La svolta è arrivata un anno fa
quando in laboratorio il mago Begotti è riuscito per la prima volta a realizzare un PHA con proprietà molto simile al policarbonato. Non la classica plastica dei sacchetti della spesa, quindi, ma la plastica dura e malleabile di cui sono fatti tanti oggetti della nostra vita quotidiana. Il primo a crederci è stato il presidente di Floss che ha voluto replicare una celebre lampada del design italiano firmata Philippe Starck,
Miss Sissi.
Presentazione solenne lo scorso 18 aprile al Salone del Mobile, poi un’escalation continua: secondo Astorri tra un anno il MinervPHA sarà negli occhiali da sole italiani, nei computer californiani, nei televisori coreani e persino nelle confezioni di merendine per bambini. «Tutti mi dicono che sono seduto su una montagna d’oro ma non è così che mi sento. Mi sento su una scala di cui non si vede la fine».

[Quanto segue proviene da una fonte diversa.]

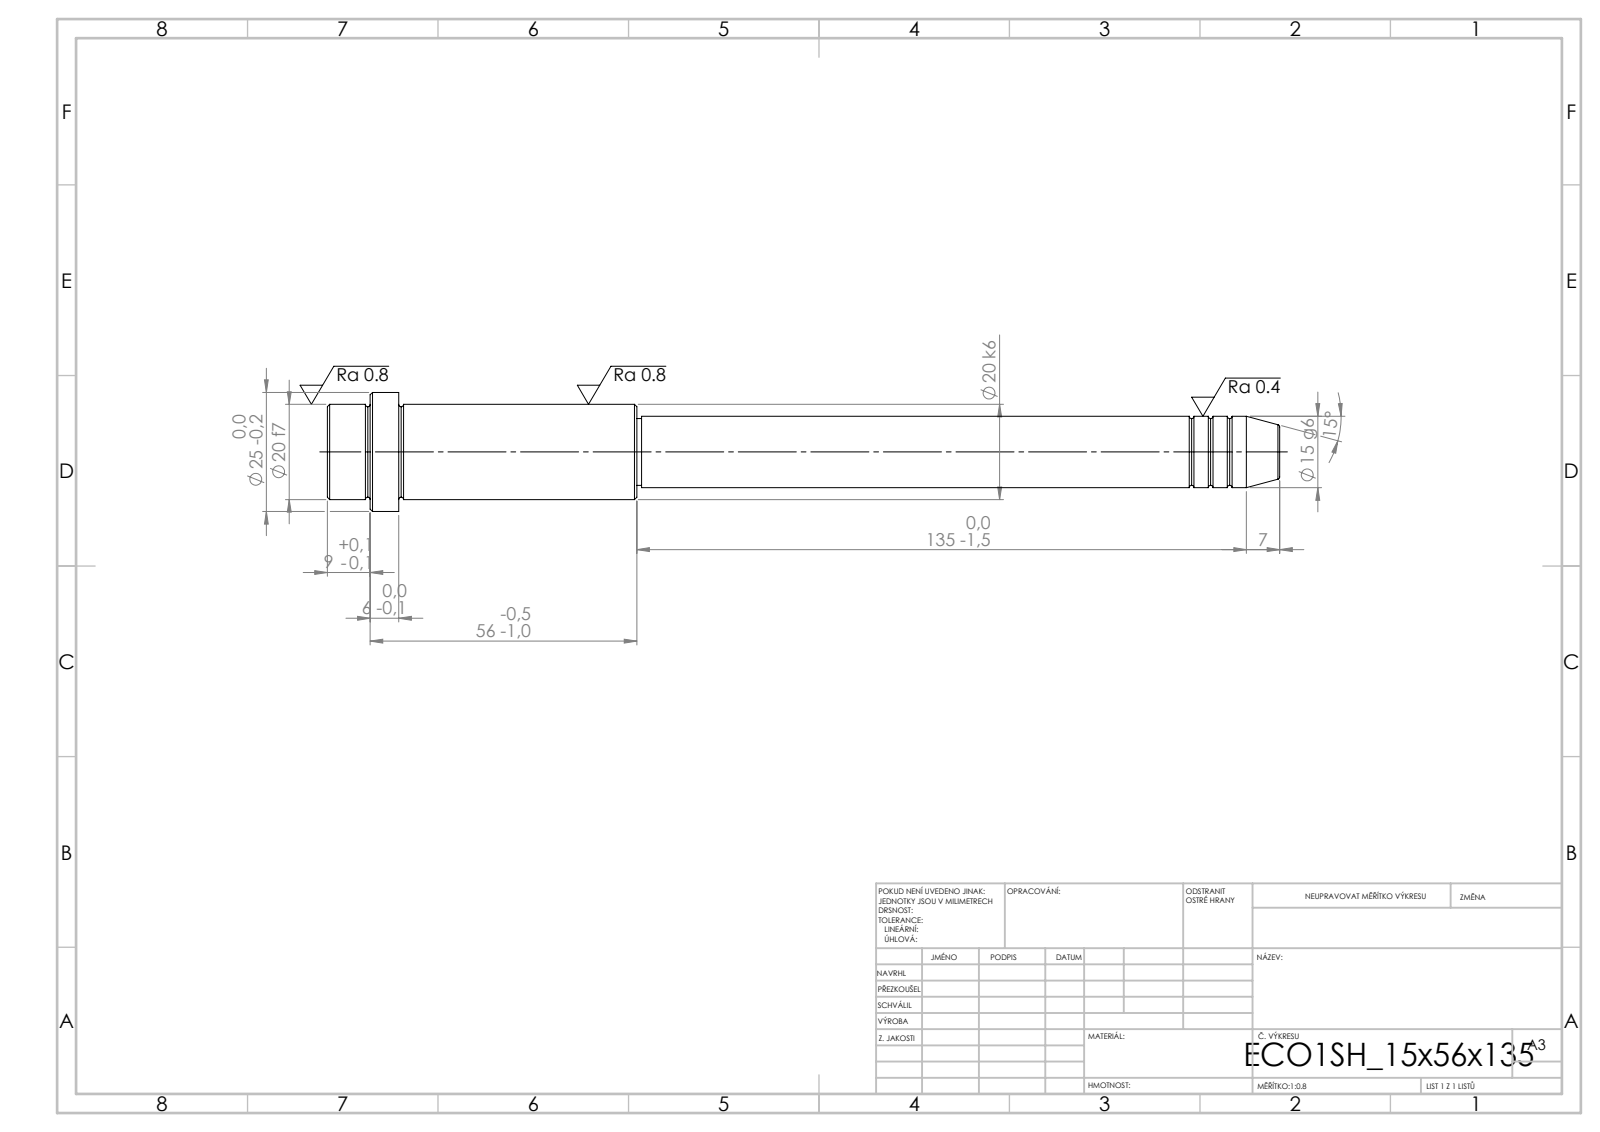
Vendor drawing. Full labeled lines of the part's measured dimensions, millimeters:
STEP written by: SolidWorks 2019 (CONFIG_CONTROL_DESIGN)
Units: millimetres
Bodies: 1 solid, 52 faces (6 planar, 16 cylindrical, 30 other)
Overall size (bounding box): 200 × 25 × 25
Volume: 44 902 mm³ · Surface area: 11 528 mm²
Round bosses / shafts (diameter × count): ⌀25 ×1, ⌀20 ×1, ⌀15 ×1, ⌀14 ×1
Main face-to-face distances: 15, 6, 9, 50, 56, 65, 135, 185, 191, 200
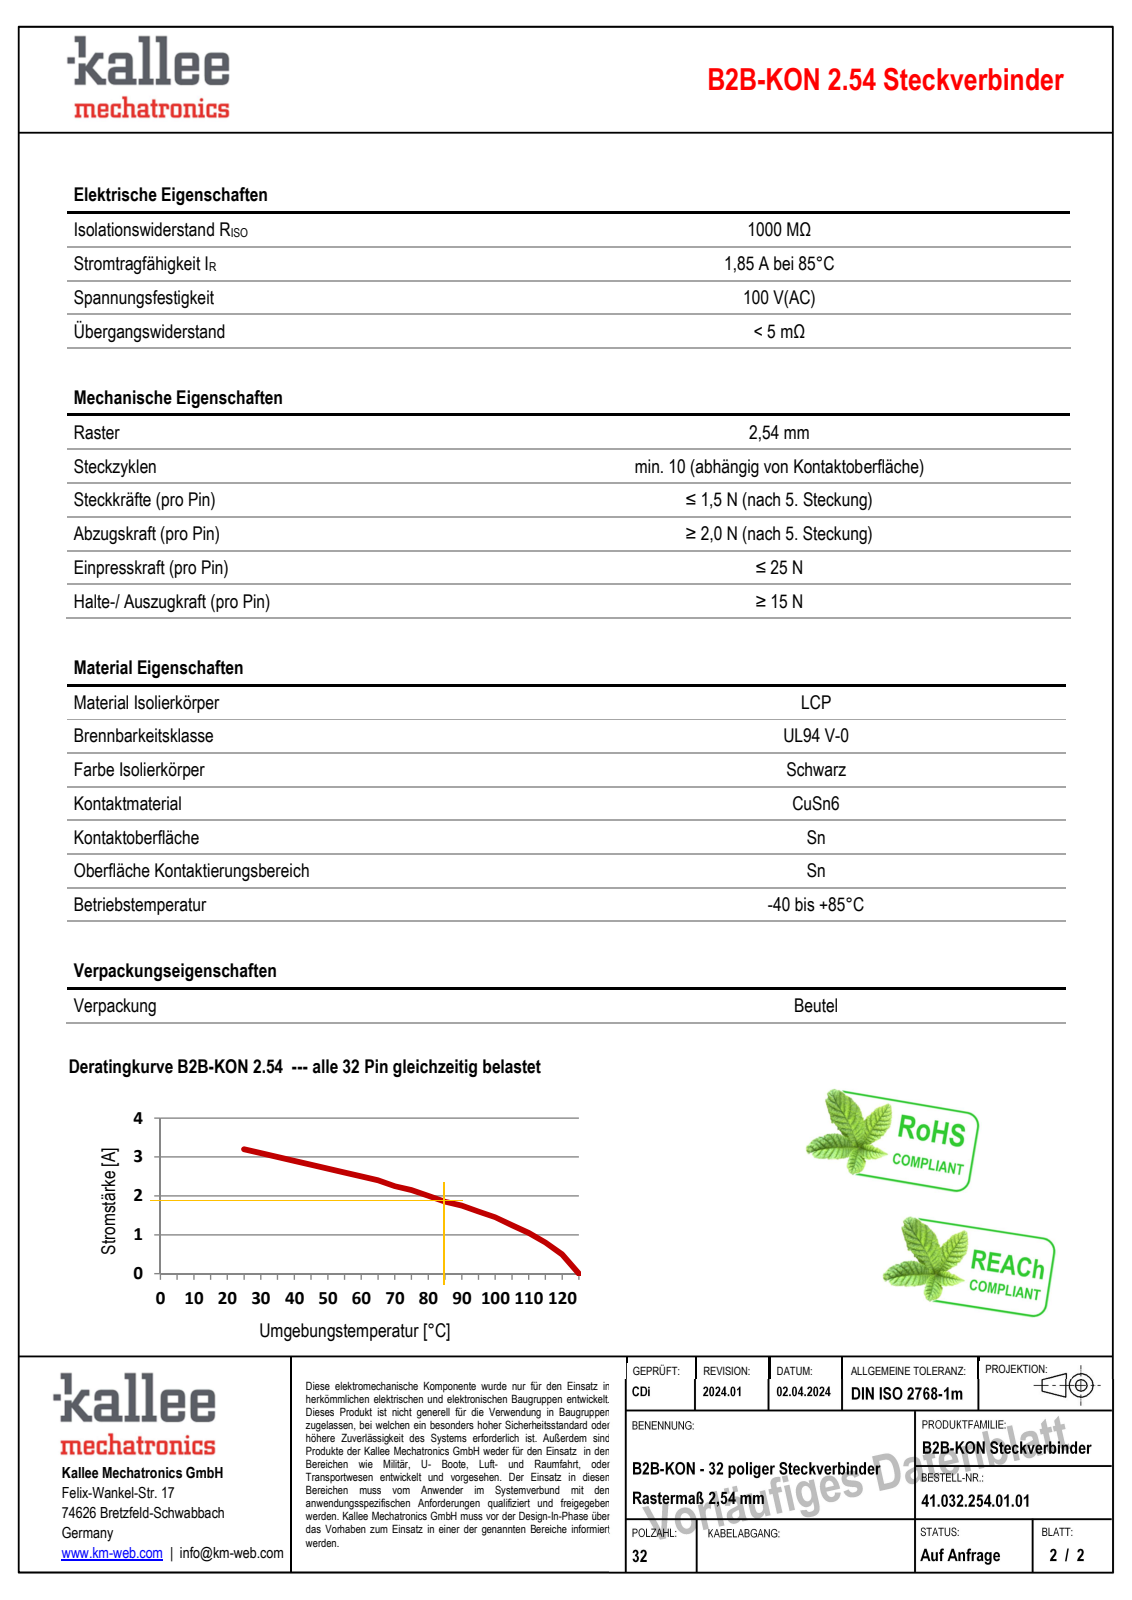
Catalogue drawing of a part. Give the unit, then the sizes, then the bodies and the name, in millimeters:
Units: millimetres
Overall size (bounding box): 40.64 × 15 × 5
Round holes (diameter × count): ⌀1.2 ×15
Partial cylindrical surfaces — rounded edges, fillets, slot ends (radius × count): R1 ×160, R3 ×112, R3.22 ×64, R1.22 ×32, R0.1 ×16, R0.17 ×16, R0.18 ×16, R0.2 ×16
Main face-to-face distances: 0.5, 4.5, 4, 2.54, 5, 7, 3.47, 1.03, 3.97, 0.53
Hole centre spacings: 2.54, 5.08, 7.62, 10.16, 12.7, 15.24, 17.78, 20.32
Volume: 1 233 mm³ · Surface area: 1 980 mm²
Bodies: 1 solid, 1613 faces (662 planar, 947 cylindrical, 4 other)
Part name (STEP PRODUCT): B2B-KON_41.32.254.01.01 v2; B2B-KON_41.32.254.01.01 (1); B2B-KON_41.32.254.01.01
STEP written by: Autodesk Translation Framework v12.20.1.177 (AUTOMOTIVE_DESIGN)
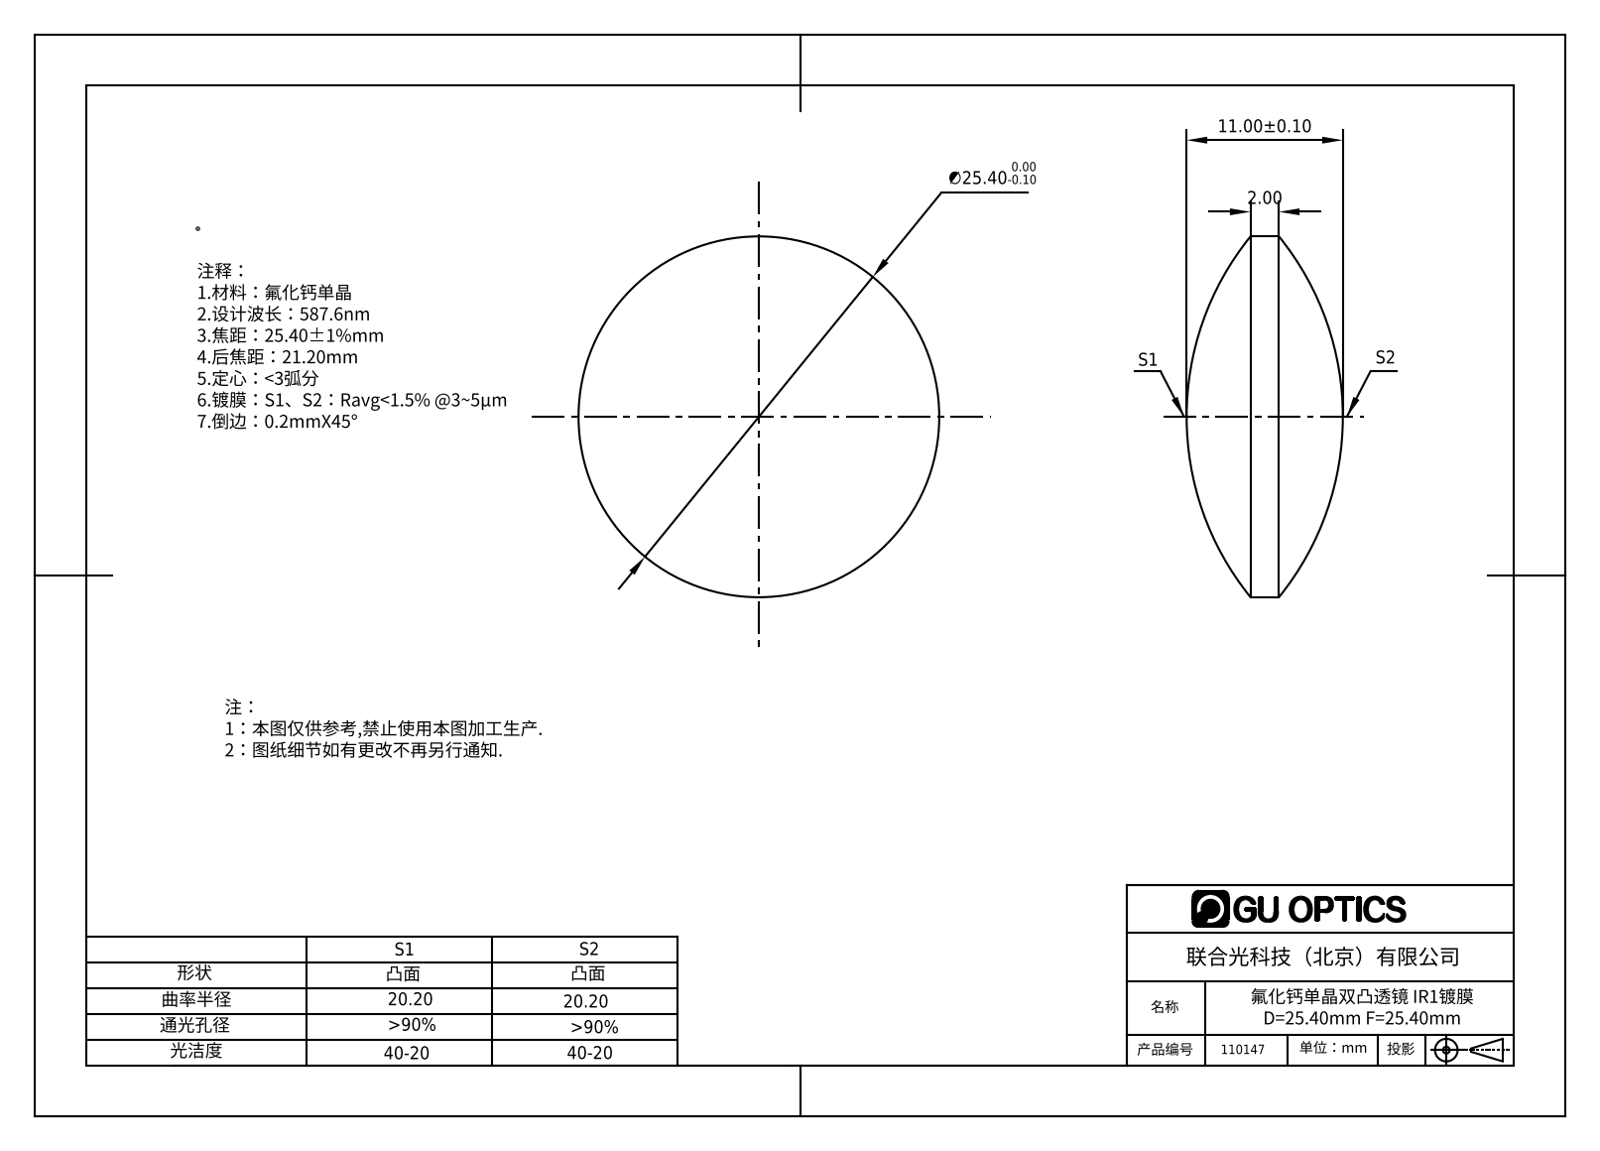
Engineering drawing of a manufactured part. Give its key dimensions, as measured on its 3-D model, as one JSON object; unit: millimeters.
{"part_name": "110139", "step_written_by": "SolidWorks 2016 (CONFIG_CONTROL_DESIGN)", "units": "millimeters", "bodies": {"solids": 1, "faces": 6, "planar": 0, "cylindrical": 2, "other": 4}, "overall_size": [25.4, 25.4, 11], "volume_mm3": 3389, "surface_area_mm2": 1300, "round_bosses_or_shafts": [[25.4, 1]]}
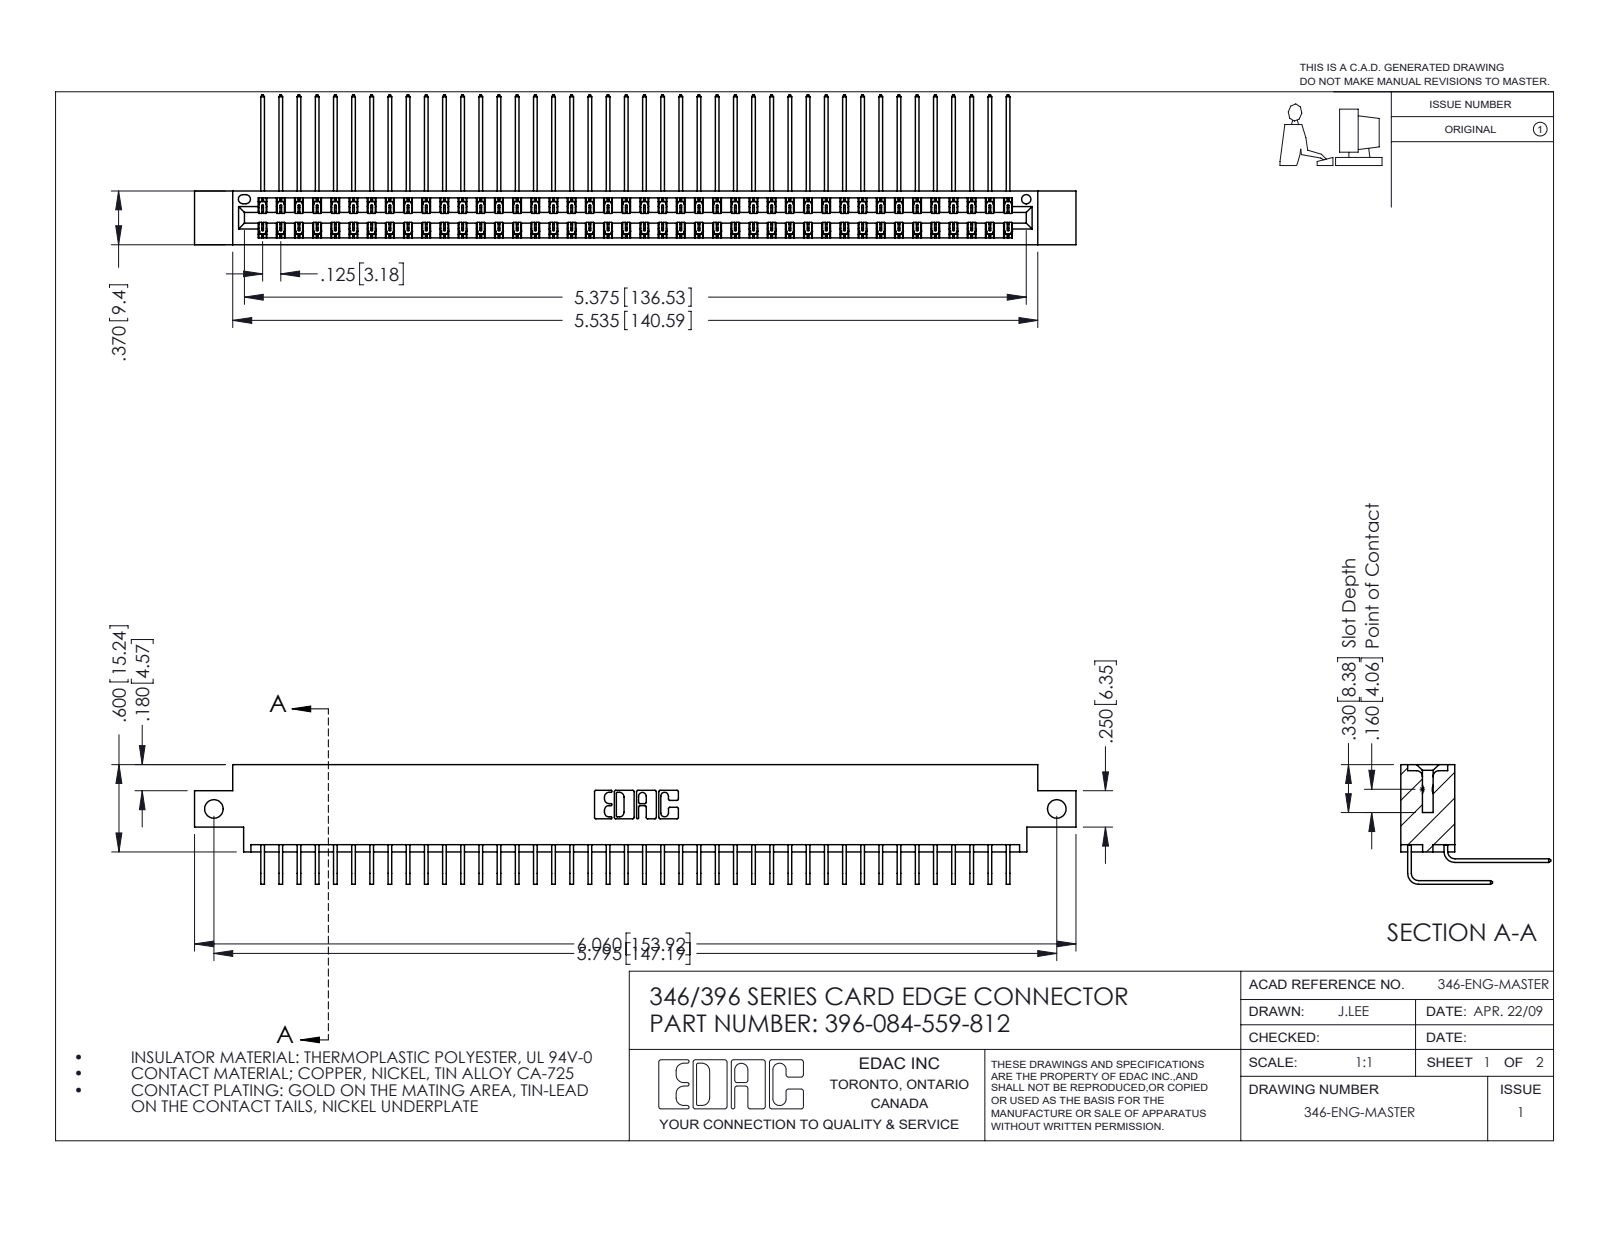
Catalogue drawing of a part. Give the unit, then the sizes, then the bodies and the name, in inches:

L’inizio in compenso si vede benissimo. Era il 1954 e a pochi chilometri da Minerbio, Ferrara, negli stabilimenti della Montecatini, un grande chimico italiano scopriva la regina delle plastiche, il polipropilene isotattico, noto come il Moplen nelle reclame dell’epoca con Gino Bramieri. Il 12 dicembre 1963 Giulio Natta e il chimico tedesco Karl Ziegler ricevevano il premio Nobel. Nella motivazione si legge: «Le conseguenza scientifiche e tecniche della scoperta sono immense e ancora non possono essere valutate pienamente». Sarebbe la seconda volta che un italiano reinventa la plastica.